Abstract:
Biodiesel from waste cooking oil (WCO) is an environment friendly
renewable energy source. Generally, NaOH or KOH are used as catalysts to
produce biodiesel from vegetable oil via transesterification reaction.
Although, these homogeneous catalysts have high catalytic activity they have
certain drawbacks such as difficulty in catalyst separation, high soap
formation and requirement of large amount of water to wash biodiesel product.
Alternatively, CaO has been used as catalyst for this reaction but its efficiency
is poor. Coral rubbles are abundantly found in southern coast of Sri Lanka and
calcinating them to 900 ⁰C yield CaO rich coral rubble catalyst (CRC). In this
research, the catalytic performance of CRCs against the transesterification
reaction to produce biodiesel and its improved efficiency by incorporating rice
husk silica was tested. Rice husk contains around 20% of biogenic silica.
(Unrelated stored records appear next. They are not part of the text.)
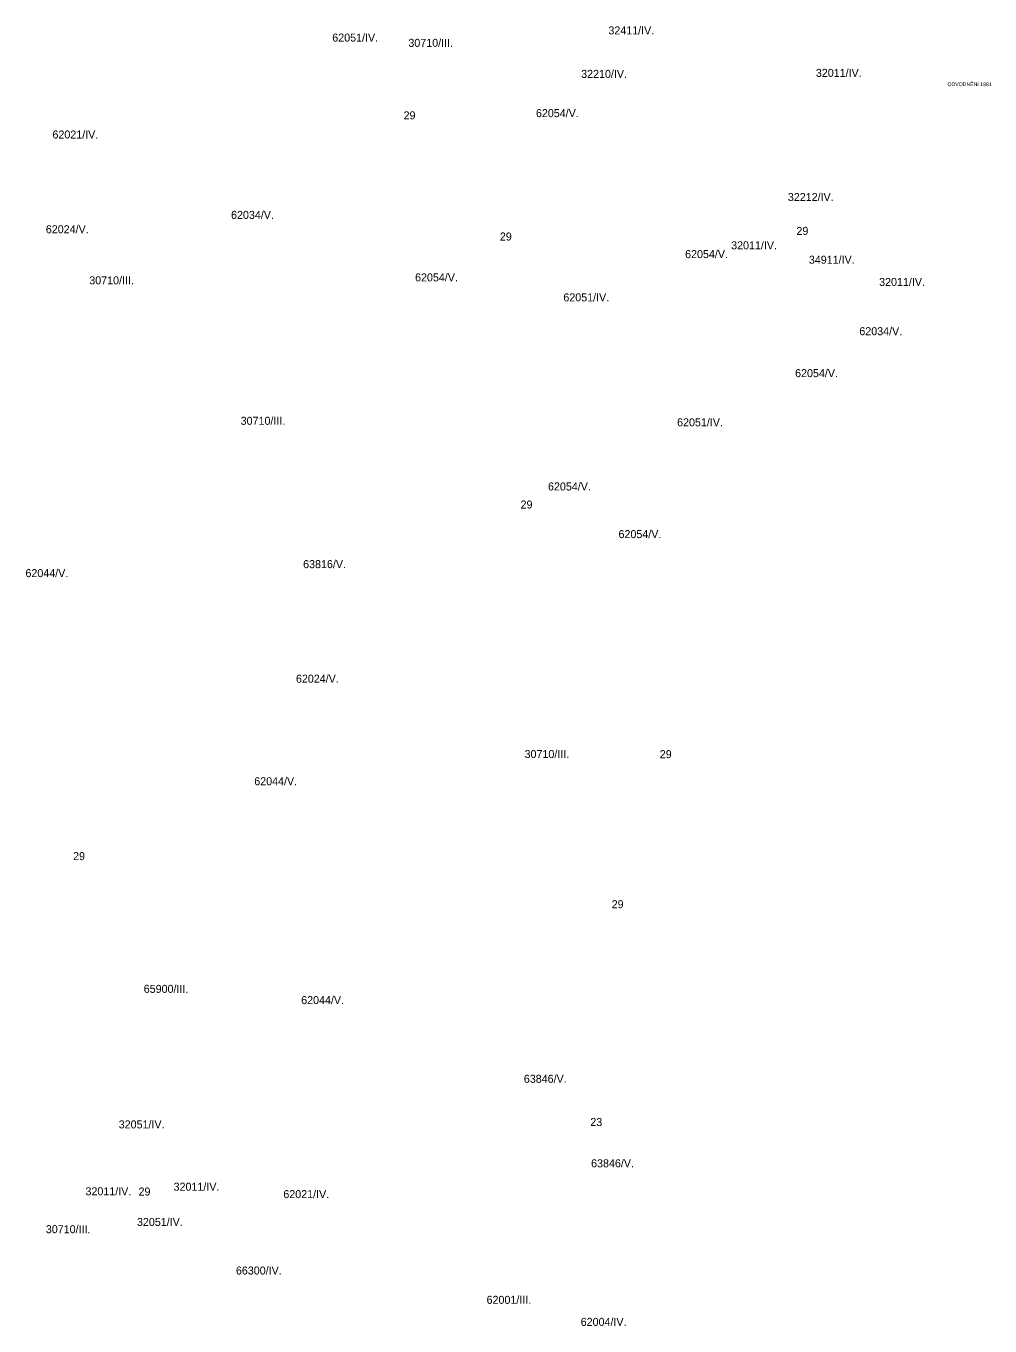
# Model space of a CAD drawing. Extents: x -521579 to -516881, y -1190081 to -1185166.
# Drawn here: x -519249 to -517442, y -1190081 to -1187644 of the extents above; entities that cross this region are included whole.
import ezdxf

# ---------------------------------------------------------------- set-up
doc = ezdxf.new("R2010")
doc.units = 0
doc.layers.add('BPEJ_s', color=7, linetype='Continuous')
doc.layers.add('odvodneni_s', color=7, linetype='Continuous')

msp = doc.modelspace()

# ---------------------------------------------------------------- texts
at = {"layer": 'BPEJ_s'}
for s, height, p in [('32411/IV.', 15, (-518157.3, -1187659.7)), ('62051/IV.', 15, (-518674.9, -1187673.2)), ('30710/III.', 15, (-518532.2, -1187683)), ('32210/IV.', 15, (-518208.3, -1187741.2)), ('32011/IV.', 15, (-517768.4, -1187739.3)), ('29', 15, (-518541.2, -1187818.9)), ('62054/V.', 15, (-518293.1, -1187814.8)), ('62021/IV.', 15, (-519199.4, -1187854.8)), ('32212/IV.', 15, (-517820.9, -1187972)), ('62034/V.', 15, (-518864.6, -1188005.5)), ('62024/V.', 15, (-519211.8, -1188032.4)), ('29', 15, (-518360.7, -1188046)), ('29', 15, (-517804.8, -1188035.5)), ('62054/V.', 15, (-518013.5, -1188079)), ('32011/IV.', 15, (-517927.2, -1188062.5)), ('34911/IV.', 15, (-517781.5, -1188089.5)), ('30710/III.', 15, (-519130.4, -1188128.1)), ('62054/V.', 15, (-518519.7, -1188122.6)), ('32011/IV.', 15, (-517649.8, -1188131.2)), ('62051/IV.', 15, (-518241.7, -1188160.1)), ('62034/V.', 15, (-517686.9, -1188223.5)), ('62054/V.', 15, (-517807.3, -1188302.1)), ('30710/III.', 15, (-518846.6, -1188391.4)), ('62051/IV.', 15, (-518028.5, -1188394.3)), ('62054/V.', 15, (-518270.5, -1188514.5)), ('29', 15, (-518321.9, -1188548.3)), ('62054/V.', 15, (-518138.3, -1188603.8)), ('63816/V.', 15, (-518729.5, -1188660.1)), ('62044/V.', 15, (-519250, -1188676.9)), ('62024/V.', 15, (-518743, -1188874.8)), ('30710/III.', 15, (-518314.4, -1189016)), ('29', 15, (-518061, -1189016.3)), ('62044/V.', 15, (-518821.1, -1189067)), ('29', 15, (-519160.7, -1189207.3)), ('29', 15, (-518151.1, -1189297.5)), ('65900/III.', 15, (-519028.3, -1189456.1)), ('62044/V.', 15, (-518733.2, -1189477.2)), ('29', 0.0647, (-518263, -1189457.1)), ('63846/V.', 15, (-518315.8, -1189624.7)), ('32051/IV.', 15, (-519075.2, -1189710.2)), ('23', 15, (-518191.2, -1189705.7)), ('63846/V.', 15, (-518189.7, -1189783.1)), ('32011/IV.', 15, (-519137.5, -1189835.6)), ('29', 15, (-519038, -1189836)), ('32011/IV.', 15, (-518972.3, -1189827)), ('62021/IV.', 15, (-518766.6, -1189840.9)), ('30710/III.', 15, (-519211.8, -1189906.6)), ('32051/IV.', 15, (-519041, -1189893)), ('66300/IV.', 15, (-518855.5, -1189984.1)), ('62001/III.', 15, (-518385.6, -1190039)), ('62004/IV.', 15, (-518209.2, -1190080.3))]:
    msp.add_text(s, height=height, dxfattribs=at).set_placement(p)
at = {"layer": 'odvodneni_s'}
msp.add_text('ODVODNĚNí 1981', height=7, dxfattribs=at).set_placement((-517521.6, -1187756.7))

doc.saveas('drawing.dxf')

Therefore, initially, silica was extracted from pyrolyzed rice husk ash via
alkaline extraction. Subsequently, SiO2 was incorporated to the CRC via wet
impregnation. Catalytic efficiency of CRCs with different weight percentages
of silica was investigated. Accordingly, 20% wt silica loaded CRC showed the
highest catalytic performance. Optimum biodiesel yield was obtained at a
methanol to oil molar ratio of 18:1 and catalyst dosage of 8% wt at 60 ⁰C for
2 hrs. Catalyst reusability was tested for 5 runs and it has shown a significant
yield over 75%. Fourier transform infrared spectroscopic (FTIR) data revealed
the presence of Ca-O-Si bond in silica incorporated CRCs. pH, density, acid
value and saponification value of the produced biodiesel were tested and they
were within the accepted ASTM limits.